### What you have to do
From the line with "64.88 18.3 0 top" through the line with "49.89 68.97 0 bottom", repeat the entries verbatim, both end lines included, and add nothing.

### Exercise input
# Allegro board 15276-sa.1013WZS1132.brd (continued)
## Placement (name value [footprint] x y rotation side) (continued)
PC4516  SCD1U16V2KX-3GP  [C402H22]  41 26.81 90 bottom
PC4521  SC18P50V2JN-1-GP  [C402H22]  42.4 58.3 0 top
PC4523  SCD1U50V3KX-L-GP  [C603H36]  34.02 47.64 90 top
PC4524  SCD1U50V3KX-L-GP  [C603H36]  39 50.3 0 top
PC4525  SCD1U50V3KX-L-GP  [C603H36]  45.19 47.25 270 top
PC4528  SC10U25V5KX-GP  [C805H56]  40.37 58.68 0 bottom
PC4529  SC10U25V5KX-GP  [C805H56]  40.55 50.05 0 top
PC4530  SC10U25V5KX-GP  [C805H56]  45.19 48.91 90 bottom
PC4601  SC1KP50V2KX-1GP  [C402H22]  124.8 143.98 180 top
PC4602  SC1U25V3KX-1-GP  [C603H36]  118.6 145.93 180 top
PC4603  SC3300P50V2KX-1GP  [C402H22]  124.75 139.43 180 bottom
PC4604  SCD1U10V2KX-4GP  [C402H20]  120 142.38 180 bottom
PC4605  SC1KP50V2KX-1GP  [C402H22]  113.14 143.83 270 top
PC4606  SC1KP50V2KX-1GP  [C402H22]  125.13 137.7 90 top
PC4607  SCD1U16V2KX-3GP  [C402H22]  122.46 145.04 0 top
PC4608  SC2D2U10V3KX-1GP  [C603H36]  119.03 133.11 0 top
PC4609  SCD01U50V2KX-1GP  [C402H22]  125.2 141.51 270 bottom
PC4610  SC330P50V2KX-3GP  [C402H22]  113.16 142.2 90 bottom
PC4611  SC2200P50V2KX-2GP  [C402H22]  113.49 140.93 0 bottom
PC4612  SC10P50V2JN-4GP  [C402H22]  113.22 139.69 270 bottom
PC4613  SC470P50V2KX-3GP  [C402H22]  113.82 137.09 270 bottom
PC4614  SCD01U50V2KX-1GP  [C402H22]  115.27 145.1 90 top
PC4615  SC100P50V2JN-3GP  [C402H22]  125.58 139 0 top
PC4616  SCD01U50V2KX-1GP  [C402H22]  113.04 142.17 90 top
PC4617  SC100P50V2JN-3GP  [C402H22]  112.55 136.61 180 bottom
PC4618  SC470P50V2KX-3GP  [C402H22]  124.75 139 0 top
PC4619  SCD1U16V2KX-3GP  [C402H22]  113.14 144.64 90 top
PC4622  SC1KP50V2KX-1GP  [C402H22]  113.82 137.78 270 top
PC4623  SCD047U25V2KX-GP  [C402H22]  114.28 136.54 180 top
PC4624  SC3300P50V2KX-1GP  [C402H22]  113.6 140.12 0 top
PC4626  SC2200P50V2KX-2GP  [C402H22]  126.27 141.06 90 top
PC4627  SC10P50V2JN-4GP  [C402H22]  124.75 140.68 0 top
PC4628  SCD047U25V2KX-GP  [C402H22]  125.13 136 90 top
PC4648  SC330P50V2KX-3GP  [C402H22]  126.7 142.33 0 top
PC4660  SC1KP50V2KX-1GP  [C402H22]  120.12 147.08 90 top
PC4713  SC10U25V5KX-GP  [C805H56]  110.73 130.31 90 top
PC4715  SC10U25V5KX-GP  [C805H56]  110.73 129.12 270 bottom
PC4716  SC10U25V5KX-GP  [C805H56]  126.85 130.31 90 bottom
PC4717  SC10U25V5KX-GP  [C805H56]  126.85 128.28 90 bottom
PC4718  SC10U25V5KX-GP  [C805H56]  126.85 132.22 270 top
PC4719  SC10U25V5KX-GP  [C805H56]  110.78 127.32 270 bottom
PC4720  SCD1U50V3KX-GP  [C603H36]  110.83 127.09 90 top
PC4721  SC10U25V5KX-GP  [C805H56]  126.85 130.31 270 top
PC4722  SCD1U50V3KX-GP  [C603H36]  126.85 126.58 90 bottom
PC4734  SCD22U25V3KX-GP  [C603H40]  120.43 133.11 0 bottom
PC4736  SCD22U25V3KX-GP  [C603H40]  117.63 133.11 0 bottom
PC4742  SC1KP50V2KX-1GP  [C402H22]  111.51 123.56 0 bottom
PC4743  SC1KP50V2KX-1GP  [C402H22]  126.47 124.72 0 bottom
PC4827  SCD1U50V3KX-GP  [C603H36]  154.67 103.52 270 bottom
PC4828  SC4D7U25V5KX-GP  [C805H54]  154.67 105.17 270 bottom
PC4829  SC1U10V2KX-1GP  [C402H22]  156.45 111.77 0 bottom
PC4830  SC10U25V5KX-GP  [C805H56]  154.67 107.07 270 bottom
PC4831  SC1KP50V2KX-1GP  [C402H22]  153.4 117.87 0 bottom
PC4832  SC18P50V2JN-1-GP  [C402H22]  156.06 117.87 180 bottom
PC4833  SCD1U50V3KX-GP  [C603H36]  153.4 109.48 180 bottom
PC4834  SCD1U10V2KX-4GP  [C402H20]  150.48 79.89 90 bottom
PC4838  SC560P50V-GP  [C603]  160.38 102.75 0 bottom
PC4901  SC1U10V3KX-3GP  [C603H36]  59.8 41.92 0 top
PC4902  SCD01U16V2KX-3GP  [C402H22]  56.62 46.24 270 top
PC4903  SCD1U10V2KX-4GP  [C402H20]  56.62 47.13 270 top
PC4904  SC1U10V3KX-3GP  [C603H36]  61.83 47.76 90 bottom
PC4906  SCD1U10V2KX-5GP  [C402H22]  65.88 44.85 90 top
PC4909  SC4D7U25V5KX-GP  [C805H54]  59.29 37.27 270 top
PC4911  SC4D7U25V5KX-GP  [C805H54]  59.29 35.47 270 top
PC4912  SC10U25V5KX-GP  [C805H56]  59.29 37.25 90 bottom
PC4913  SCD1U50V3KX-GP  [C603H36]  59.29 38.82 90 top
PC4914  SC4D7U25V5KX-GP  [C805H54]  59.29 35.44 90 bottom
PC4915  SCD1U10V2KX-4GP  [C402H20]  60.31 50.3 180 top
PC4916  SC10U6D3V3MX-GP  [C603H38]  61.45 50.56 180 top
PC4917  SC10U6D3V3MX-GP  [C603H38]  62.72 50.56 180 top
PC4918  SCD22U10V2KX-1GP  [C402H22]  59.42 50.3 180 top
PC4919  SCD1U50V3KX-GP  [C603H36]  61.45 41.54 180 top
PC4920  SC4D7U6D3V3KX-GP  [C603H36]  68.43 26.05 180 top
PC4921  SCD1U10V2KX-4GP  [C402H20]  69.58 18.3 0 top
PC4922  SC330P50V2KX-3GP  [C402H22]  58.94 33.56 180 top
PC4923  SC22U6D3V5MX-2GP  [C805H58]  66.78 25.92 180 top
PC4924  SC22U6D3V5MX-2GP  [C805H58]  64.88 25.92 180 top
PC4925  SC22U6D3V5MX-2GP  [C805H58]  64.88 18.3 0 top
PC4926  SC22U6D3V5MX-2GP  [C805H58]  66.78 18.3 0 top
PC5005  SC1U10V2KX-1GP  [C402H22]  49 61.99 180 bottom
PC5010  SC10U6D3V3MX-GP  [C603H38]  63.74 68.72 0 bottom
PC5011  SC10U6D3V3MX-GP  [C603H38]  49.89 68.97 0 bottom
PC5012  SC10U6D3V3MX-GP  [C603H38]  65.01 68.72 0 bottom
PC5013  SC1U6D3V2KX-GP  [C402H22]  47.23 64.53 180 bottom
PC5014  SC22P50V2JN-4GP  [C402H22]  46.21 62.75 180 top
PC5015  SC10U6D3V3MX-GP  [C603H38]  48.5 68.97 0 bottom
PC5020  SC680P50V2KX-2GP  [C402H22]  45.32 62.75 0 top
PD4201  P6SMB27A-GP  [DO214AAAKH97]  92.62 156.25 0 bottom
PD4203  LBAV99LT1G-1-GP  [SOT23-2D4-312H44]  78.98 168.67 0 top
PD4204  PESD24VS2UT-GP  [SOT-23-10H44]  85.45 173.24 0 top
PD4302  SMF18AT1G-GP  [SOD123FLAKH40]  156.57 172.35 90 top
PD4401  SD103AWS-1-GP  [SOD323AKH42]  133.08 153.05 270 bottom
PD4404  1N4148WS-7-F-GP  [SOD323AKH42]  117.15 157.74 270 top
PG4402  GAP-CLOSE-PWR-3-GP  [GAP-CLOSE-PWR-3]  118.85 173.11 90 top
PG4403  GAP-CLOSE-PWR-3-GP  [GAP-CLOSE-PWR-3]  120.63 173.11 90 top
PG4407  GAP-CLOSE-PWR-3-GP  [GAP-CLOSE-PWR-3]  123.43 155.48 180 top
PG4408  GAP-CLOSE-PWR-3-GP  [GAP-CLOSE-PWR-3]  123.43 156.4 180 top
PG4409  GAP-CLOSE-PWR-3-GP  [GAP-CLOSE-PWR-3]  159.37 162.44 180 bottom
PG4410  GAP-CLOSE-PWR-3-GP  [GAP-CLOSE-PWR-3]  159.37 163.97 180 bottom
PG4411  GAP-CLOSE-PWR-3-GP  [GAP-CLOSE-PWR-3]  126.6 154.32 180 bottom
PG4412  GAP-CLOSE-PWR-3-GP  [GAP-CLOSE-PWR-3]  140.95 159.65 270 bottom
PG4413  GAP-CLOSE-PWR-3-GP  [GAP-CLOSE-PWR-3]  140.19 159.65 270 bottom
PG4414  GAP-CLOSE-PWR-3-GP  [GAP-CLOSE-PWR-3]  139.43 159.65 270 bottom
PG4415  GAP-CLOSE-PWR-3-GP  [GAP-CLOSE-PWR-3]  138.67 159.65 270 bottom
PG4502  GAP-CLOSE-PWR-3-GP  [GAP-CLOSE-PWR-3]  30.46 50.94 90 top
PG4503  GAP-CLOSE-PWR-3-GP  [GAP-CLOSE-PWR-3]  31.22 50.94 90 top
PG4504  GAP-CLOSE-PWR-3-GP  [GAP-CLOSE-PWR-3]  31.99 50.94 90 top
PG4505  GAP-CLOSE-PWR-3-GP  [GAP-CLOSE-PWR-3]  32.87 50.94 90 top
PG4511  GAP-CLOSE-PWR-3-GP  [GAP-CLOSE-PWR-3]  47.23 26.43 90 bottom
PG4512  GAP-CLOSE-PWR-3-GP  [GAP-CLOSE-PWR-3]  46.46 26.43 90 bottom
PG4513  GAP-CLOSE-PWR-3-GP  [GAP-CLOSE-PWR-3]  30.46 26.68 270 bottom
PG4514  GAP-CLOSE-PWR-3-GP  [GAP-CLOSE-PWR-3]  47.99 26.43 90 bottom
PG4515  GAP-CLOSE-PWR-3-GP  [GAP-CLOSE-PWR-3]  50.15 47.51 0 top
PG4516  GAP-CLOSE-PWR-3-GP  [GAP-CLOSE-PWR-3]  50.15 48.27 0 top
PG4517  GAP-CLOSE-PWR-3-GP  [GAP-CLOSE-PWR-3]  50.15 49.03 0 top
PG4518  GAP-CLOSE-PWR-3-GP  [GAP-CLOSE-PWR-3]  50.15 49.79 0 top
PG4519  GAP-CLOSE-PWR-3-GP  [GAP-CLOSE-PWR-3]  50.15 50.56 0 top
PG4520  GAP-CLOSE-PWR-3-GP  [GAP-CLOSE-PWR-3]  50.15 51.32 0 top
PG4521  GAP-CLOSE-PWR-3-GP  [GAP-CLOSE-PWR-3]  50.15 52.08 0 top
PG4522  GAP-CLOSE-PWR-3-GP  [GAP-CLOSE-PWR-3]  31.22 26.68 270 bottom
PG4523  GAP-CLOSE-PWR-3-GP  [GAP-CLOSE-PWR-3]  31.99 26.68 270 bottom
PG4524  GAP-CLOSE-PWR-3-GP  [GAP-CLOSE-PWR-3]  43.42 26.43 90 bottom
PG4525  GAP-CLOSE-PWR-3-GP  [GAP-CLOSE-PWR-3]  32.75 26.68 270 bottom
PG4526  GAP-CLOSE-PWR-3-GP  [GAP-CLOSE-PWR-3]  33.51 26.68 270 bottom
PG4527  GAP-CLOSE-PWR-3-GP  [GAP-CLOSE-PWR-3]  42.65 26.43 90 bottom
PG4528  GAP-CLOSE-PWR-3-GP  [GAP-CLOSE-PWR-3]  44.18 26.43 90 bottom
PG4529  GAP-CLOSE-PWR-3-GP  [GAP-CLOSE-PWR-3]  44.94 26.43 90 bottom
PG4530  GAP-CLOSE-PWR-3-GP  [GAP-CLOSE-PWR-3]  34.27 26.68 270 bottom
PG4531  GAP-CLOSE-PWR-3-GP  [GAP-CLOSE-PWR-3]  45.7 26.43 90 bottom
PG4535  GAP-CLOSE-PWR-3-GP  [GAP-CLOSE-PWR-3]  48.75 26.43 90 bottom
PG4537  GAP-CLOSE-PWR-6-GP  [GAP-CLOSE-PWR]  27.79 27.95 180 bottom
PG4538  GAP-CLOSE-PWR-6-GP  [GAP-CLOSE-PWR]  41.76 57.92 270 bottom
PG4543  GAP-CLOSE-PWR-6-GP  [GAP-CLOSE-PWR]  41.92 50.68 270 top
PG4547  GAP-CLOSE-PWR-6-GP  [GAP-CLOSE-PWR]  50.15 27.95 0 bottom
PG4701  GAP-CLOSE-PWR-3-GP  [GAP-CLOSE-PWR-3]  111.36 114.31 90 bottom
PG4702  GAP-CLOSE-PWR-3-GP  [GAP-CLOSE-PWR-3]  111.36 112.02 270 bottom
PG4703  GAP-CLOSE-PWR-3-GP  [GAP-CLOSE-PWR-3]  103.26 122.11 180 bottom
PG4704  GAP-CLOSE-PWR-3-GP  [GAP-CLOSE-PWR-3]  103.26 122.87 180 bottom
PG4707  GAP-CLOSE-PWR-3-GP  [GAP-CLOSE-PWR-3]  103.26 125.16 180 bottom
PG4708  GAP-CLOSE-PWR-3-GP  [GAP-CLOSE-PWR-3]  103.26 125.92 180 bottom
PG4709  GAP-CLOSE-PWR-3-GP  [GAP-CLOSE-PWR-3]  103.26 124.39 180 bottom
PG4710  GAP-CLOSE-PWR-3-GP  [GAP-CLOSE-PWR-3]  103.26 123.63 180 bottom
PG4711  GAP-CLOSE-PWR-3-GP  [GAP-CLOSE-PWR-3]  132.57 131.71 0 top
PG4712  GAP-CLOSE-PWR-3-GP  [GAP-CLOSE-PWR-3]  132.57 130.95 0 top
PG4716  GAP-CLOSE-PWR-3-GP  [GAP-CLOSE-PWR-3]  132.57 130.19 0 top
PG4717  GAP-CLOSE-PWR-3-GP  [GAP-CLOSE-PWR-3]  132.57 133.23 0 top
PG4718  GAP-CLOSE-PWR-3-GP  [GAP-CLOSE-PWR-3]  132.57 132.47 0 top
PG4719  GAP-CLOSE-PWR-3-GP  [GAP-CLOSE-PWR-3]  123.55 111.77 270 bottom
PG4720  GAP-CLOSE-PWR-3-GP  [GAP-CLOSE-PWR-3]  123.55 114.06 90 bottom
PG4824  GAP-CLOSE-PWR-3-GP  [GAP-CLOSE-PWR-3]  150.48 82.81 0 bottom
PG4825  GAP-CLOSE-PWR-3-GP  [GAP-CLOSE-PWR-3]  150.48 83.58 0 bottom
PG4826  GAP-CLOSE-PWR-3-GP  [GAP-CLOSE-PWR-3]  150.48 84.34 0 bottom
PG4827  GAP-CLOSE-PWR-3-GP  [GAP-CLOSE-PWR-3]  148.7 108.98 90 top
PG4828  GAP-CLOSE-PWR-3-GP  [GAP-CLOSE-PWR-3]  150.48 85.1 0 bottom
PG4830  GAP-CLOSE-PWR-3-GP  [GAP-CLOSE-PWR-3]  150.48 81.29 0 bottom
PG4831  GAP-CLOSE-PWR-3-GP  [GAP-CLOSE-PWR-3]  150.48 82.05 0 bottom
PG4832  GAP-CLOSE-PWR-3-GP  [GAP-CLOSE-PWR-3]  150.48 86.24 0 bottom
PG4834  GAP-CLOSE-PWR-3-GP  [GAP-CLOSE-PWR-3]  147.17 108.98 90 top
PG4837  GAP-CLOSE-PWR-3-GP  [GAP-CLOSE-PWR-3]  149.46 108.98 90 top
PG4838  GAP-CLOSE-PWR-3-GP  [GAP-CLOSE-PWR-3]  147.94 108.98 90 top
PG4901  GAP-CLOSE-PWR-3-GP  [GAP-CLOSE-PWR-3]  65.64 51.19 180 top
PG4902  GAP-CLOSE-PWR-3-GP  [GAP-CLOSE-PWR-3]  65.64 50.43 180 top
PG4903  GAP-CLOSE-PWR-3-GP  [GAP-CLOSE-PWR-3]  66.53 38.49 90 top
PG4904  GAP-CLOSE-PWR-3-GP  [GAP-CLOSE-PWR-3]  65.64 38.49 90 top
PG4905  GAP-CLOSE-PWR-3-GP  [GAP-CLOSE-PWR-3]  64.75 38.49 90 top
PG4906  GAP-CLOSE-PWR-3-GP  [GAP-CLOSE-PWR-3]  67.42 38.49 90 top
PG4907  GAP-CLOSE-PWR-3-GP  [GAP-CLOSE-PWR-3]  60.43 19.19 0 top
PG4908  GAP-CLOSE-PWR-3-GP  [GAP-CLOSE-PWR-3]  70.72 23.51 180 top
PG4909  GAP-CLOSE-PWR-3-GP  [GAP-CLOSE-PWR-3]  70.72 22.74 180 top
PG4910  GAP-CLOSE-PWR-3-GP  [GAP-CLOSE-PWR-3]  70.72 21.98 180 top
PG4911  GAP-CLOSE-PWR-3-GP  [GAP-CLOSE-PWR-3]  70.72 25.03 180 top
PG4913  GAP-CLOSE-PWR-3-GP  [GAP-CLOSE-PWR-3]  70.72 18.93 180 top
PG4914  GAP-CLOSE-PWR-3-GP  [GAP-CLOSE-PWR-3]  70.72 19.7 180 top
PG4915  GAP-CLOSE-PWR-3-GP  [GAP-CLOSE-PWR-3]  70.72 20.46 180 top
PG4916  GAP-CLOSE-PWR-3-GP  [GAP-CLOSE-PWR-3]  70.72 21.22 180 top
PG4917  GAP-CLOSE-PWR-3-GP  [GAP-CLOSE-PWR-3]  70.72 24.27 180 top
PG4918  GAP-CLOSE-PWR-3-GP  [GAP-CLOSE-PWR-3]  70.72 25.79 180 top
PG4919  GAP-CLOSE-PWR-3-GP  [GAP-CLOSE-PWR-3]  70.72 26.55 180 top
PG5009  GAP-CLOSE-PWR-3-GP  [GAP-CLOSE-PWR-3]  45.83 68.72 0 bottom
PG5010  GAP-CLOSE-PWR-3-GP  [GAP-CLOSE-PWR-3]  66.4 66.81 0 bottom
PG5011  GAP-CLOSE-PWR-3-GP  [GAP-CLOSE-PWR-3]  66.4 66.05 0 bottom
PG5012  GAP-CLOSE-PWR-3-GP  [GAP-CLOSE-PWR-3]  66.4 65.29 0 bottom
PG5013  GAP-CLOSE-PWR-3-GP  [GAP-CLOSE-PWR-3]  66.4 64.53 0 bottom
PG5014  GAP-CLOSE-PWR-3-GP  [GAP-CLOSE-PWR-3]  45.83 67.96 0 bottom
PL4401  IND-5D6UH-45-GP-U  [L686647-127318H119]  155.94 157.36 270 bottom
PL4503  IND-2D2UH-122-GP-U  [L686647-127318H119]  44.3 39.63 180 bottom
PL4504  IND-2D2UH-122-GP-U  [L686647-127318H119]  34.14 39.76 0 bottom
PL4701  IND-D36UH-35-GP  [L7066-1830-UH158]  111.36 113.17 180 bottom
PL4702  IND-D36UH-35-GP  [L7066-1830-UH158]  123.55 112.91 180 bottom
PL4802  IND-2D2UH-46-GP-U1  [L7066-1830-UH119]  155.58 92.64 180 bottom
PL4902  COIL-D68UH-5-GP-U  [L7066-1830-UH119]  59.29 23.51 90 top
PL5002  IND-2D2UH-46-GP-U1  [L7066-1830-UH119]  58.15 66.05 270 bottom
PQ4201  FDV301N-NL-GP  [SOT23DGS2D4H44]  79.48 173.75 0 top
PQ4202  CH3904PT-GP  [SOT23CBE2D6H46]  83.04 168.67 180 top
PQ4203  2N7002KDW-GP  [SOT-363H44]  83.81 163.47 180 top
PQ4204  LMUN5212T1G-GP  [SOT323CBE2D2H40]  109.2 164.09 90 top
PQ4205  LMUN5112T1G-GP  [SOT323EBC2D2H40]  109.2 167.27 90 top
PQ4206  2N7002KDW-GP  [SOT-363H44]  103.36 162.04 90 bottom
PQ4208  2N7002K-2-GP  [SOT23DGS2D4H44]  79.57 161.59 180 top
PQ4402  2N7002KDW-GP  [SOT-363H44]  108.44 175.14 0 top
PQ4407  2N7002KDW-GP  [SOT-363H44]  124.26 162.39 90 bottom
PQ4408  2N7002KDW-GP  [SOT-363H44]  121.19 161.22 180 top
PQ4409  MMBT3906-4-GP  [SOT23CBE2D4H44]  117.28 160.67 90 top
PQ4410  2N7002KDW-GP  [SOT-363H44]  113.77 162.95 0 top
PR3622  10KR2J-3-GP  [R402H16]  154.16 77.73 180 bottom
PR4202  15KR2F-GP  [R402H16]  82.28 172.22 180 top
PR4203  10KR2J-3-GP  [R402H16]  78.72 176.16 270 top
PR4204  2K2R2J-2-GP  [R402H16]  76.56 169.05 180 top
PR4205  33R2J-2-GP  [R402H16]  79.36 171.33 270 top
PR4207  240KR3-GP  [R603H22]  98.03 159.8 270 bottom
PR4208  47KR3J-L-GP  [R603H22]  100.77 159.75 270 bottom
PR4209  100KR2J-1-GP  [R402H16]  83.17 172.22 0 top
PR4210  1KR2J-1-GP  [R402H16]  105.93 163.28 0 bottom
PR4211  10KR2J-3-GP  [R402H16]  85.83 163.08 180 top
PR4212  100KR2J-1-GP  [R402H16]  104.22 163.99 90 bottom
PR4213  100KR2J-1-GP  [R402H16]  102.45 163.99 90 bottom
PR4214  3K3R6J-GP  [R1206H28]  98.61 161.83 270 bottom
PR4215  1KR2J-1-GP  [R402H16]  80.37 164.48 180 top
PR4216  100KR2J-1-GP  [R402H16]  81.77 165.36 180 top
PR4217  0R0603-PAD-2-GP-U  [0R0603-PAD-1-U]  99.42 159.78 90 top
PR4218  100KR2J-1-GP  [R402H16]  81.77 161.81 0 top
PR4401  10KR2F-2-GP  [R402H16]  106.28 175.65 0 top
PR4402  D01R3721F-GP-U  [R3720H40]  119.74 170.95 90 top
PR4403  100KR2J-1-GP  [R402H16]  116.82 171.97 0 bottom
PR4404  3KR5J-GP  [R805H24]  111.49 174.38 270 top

### Exercise output
PC4925  SC22U6D3V5MX-2GP  [C805H58]  64.88 18.3 0 top
PC4926  SC22U6D3V5MX-2GP  [C805H58]  66.78 18.3 0 top
PC5005  SC1U10V2KX-1GP  [C402H22]  49 61.99 180 bottom
PC5010  SC10U6D3V3MX-GP  [C603H38]  63.74 68.72 0 bottom
PC5011  SC10U6D3V3MX-GP  [C603H38]  49.89 68.97 0 bottom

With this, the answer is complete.